* WORK TASK *
Scan the entries below and return each line that contains "placement".

+ + + +

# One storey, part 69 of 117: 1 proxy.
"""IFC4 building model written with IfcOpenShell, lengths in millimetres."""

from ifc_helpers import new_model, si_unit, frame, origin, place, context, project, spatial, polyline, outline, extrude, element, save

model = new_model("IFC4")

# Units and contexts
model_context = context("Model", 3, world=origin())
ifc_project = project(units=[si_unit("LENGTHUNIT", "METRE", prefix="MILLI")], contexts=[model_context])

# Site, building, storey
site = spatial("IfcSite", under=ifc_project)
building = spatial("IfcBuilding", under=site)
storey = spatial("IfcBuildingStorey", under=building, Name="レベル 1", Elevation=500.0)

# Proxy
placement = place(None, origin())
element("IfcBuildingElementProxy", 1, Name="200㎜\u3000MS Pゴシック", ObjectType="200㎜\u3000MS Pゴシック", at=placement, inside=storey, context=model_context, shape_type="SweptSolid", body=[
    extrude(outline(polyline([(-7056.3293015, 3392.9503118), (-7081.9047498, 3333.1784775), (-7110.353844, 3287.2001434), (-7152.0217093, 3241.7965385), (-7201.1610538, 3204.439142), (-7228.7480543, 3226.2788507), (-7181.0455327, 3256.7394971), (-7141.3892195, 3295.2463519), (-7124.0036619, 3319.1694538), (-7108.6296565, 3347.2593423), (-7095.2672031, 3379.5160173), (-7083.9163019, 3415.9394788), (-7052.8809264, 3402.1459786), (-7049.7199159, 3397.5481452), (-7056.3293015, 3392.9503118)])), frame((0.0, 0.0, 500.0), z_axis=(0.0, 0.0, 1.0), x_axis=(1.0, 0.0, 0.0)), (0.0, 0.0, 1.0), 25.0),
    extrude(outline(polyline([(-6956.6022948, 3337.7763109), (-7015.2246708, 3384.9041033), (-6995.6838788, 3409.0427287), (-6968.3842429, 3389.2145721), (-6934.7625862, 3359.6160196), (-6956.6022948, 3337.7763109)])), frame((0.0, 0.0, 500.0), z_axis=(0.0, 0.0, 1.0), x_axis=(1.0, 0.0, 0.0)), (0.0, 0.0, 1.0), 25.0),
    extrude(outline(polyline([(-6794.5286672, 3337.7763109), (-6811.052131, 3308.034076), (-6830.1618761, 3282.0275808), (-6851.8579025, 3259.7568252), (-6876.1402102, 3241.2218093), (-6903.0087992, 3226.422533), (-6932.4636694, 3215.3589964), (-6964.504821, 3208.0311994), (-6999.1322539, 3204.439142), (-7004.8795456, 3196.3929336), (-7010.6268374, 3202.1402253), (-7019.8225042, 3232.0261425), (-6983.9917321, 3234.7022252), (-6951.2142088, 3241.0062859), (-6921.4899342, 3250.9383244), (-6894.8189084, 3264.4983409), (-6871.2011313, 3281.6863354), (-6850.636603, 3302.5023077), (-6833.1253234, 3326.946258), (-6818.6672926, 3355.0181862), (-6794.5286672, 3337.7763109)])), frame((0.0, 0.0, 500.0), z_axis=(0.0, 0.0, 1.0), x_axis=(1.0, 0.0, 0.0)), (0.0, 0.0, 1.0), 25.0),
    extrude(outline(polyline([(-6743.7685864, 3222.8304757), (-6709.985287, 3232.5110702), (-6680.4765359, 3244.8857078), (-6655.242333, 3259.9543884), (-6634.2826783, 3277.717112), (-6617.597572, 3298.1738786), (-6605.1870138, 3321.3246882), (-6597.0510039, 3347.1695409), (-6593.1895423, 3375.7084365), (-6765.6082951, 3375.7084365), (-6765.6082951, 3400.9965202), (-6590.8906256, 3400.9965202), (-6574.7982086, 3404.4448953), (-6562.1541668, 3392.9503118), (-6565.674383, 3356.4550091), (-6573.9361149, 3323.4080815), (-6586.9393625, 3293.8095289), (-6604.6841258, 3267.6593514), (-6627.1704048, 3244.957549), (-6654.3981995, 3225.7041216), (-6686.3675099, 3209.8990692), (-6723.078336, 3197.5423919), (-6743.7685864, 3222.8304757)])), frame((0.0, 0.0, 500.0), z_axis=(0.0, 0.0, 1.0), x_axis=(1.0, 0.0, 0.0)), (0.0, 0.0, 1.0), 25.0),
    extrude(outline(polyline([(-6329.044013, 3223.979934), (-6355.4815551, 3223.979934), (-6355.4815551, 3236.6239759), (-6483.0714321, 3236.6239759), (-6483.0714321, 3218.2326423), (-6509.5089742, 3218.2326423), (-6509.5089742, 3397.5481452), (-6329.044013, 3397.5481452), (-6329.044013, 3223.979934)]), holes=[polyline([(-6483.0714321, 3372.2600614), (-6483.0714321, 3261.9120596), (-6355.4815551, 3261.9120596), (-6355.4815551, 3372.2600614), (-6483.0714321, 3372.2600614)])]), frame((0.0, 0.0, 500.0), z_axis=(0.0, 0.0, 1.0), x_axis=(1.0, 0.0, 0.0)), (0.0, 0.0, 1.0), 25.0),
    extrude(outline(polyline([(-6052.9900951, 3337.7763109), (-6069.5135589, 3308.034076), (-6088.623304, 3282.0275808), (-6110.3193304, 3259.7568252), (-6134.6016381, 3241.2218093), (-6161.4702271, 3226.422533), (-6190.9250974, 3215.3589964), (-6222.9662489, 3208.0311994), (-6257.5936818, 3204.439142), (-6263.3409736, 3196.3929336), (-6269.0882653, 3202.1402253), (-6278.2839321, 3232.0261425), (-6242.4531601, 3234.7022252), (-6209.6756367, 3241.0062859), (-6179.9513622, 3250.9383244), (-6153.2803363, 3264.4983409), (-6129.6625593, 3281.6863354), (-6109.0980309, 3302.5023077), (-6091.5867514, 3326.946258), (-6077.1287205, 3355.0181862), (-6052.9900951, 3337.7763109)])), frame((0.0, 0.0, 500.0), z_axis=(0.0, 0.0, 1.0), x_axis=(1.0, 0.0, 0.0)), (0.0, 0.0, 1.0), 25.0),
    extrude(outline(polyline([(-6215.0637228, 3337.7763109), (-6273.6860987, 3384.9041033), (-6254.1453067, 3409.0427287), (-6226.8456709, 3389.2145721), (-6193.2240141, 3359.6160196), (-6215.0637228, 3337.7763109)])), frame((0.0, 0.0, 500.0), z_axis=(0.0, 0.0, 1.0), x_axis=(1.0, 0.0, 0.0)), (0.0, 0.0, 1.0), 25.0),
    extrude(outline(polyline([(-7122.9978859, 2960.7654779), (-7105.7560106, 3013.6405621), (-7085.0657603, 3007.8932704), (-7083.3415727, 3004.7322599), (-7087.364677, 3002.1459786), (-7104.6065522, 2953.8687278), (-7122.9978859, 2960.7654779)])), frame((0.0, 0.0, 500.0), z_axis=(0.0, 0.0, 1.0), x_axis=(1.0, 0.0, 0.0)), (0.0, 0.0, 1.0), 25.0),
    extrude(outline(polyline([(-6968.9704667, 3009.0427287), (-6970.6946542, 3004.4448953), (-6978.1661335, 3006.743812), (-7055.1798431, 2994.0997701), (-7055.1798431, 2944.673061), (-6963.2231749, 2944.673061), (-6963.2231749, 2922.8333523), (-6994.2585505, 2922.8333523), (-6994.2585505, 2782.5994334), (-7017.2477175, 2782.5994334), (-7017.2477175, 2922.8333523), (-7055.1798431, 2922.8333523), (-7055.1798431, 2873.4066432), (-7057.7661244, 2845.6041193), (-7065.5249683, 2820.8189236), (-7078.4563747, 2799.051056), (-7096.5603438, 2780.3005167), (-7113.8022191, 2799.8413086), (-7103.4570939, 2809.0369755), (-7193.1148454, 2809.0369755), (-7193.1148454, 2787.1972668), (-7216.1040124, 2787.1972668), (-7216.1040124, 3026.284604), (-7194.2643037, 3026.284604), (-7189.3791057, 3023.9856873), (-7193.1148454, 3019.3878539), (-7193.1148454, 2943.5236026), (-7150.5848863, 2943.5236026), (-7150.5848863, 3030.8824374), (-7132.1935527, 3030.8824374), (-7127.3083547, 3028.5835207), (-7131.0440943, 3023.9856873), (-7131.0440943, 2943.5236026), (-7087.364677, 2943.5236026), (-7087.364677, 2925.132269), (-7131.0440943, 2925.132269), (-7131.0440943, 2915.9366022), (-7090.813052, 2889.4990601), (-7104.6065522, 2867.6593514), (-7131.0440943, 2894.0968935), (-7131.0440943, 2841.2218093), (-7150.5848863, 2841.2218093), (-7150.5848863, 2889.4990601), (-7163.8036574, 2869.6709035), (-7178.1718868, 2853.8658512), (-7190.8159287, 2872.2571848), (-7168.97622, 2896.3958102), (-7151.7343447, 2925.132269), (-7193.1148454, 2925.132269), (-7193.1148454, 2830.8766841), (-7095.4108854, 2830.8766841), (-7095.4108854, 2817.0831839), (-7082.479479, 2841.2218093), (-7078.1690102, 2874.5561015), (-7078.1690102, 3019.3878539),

+ + + +

* RESPONSE TO THE TASK *
placement = place(None, origin())
element("IfcBuildingElementProxy", 1, Name="200㎜\u3000MS Pゴシック", ObjectType="200㎜\u3000MS Pゴシック", at=placement, inside=storey, context=model_context, shape_type="SweptSolid", body=[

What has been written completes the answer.